Entenda como os antidepressivos funcionam e como lidar com seus efeitos colaterais

SÃO PAULO, SP (FOLHAPRESS) – Em dezembro de 2021, Melina Nadale, 39, executiva do mercado financeiro, enfrentava crises ansiosas e depressivas manifestadas durante a pandemia da Covid-19.

Ela procurou um psiquiatra, que receitou um antidepressivo de fluoxetina, mas sofreu com os efeitos colaterais. “Eu tive muita náusea e falta de apetite. Também sentia algumas sudoreses, redução de libido e prisão de ventre. Foi assim até a oitava semana após o início do tratamento”, relata.

Para tentar lidar melhor com o medicamento, Nadale fez um diário em que anotava as sensações físicas e emocionais para depois reportá-las ao médico e à sua psicóloga. “Isso foi essencial para me acostumar com a medicação e com o tratamento no geral”, diz.

Durante uma consulta com o psiquiatra, ela pediu para testar o medicamento genérico, mas, além de mais efeitos colaterais, teve também duas crises de episódios depressivos.

Depois disso, ela e o médico decidiram trocar a medicação. “Tomo cloridrato de venlafaxina desde janeiro deste ano. Nas primeiras quatro semanas, também enfrentei os mesmos efeitos colaterais, mas com intensidade bem menor”, afirma.

Mais uma vez, Nadale colocou em prática o diário das sensações. “Foi bem importante para eu entender quando os efeitos se manifestavam. Aprendi que, no meu caso, é sempre melhor tomar o remédio de estômago cheio para não sentir tanto enjoo”, observa.

“Dois meses após o início do novo medicamento, os efeitos colaterais cessaram e fiquei bem adaptada. Já estou avaliando o desmame com o meu médico.”

A psiquiatra Tânia Corrêa de Toledo Ferraz Alves, diretora de unidades internação do IPq-HCFMUSP (Instituto de Psiquiatria do Hospital das Clínicas da Faculdade de Medicina da USP) e coordenadora do Departamento de Psicogeriatra da Associação Brasileira de Psiquiatria (ABP), explica que é comum o paciente experimentar efeitos colaterais quando começa a tomar um antidepressivo. Essas manifestações, diz a médica, podem variar de acordo com o organismo de cada indivíduo e também com o tipo do remédio.
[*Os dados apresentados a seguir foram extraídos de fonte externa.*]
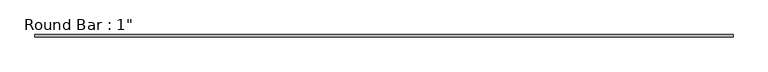
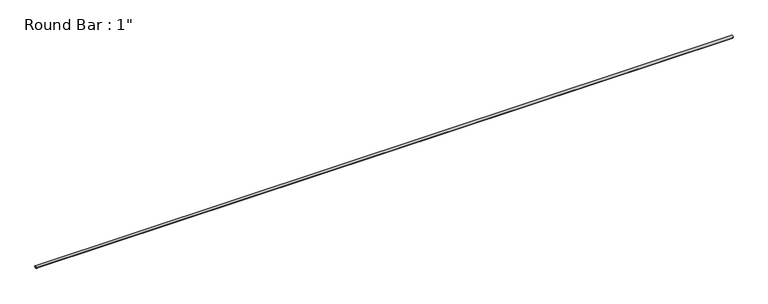
"""IFC4 building model written with IfcOpenShell, lengths in millimetres: member geometry."""

from ifc_helpers import new_model, si_unit, point, frame, origin, origin_2d, place, context, project, spatial, circle_curve, trimmed, segment, composite_curve, outline, extrude, source, transform, mapped, element, save


def member_52f726d1(model_context):
    return source(origin(), model_context, "Body", "SweptSolid", [
        extrude(outline(composite_curve([segment(trimmed(circle_curve(origin_2d(), 12.7), [point((-12.7, 0.0))], [point((12.7, 0.0))], False, "CARTESIAN"), True, "CONTINUOUS"), segment(trimmed(circle_curve(origin_2d(), 12.7), [point((12.7, 0.0))], [point((-12.7, 0.0))], False, "CARTESIAN"), True, "CONTINUOUS")], self_intersect=False)), frame((-3554.2056387, 0.0, 0.0), z_axis=(1.0, 0.0, 0.0), x_axis=(0.0, 1.0, 0.0)), (0.0, 0.0, 1.0), 7108.4112774),
    ])


if __name__ == "__main__":
    model = new_model("IFC4")
    model_context = context("Model", 3, world=origin())
    ifc_project = project(units=[si_unit("LENGTHUNIT", "METRE", prefix="MILLI")], contexts=[model_context])
    site = spatial("IfcSite", under=ifc_project)
    building = spatial("IfcBuilding", under=site)
    placement = place(None, origin())
    member_shape = member_52f726d1(model_context)
    element("IfcMember", 1, ObjectType="Round Bar : 1\"", at=placement, inside=building, context=model_context, shape_type="MappedRepresentation", body=[
        mapped(member_shape, transform((0.0, 0.0, 0.0), x_axis=(1.0, 0.0, 0.0), y_axis=(0.0, 1.0, 0.0), z_axis=(0.0, 0.0, 1.0))),
    ])
    save(model, "model.ifc")

# Revit data of these elements
# Type "Round Bar : 1\""
#   Assembly Code = "B10"
#   W = 0
#   Start Extension Calculation [instance default] = 10' - 0"
#   Start Extension [instance default] = -0' - 0 1/2"
#   End Extension Calculation [instance default] = 10' - 0"
#   End Extension [instance default] = -0' - 0 1/2"
#   Length [instance default] = 5' - 0"
#   d = 0' - 1"
#   A = 0 SF
#   Structural Material [instance default] = Metal - Steel - ASTM A36
# Element 1 (IfcMember, "Round Bar : 1\"")
#   Materials on its faces: "Metal - Steel - ASTM A36"
# Materials
#   "Metal - Steel - ASTM A36": class "Metal", colour RGB 199 199 199, transparency 0

“Os medicamentos mais modernos, como os ISRSs (inibidores seletivos de recaptação de serotonina) e os duais ou ISRSNs (inibidores seletivos de recaptação de serotonina e de noradrenalina), têm poucos efeitos colaterais se comparados aos antidepressivos mais antigos, como os tricíclicos”, afirma Alves.

A serotonina e a noradrenalina são neurotransmissores que atuam na regulação do nosso humor. Os ISRSs e ISRSNs fazem com que essas substâncias fiquem mais tempo agindo na fenda sináptica, que é o espaço entre os neurônios. Desse modo, melhoram os sintomas de depressão e ansiedade.

Os efeitos mais comuns são enjoo, tontura, boca seca, constipação intestinal, visão turva, taquicardia, sudorese, tremores e alterações no apetite. Essas ocorrências duram de um a dois meses e, portanto, no início de tratamento, o médico vai avaliar a tolerabilidade do paciente.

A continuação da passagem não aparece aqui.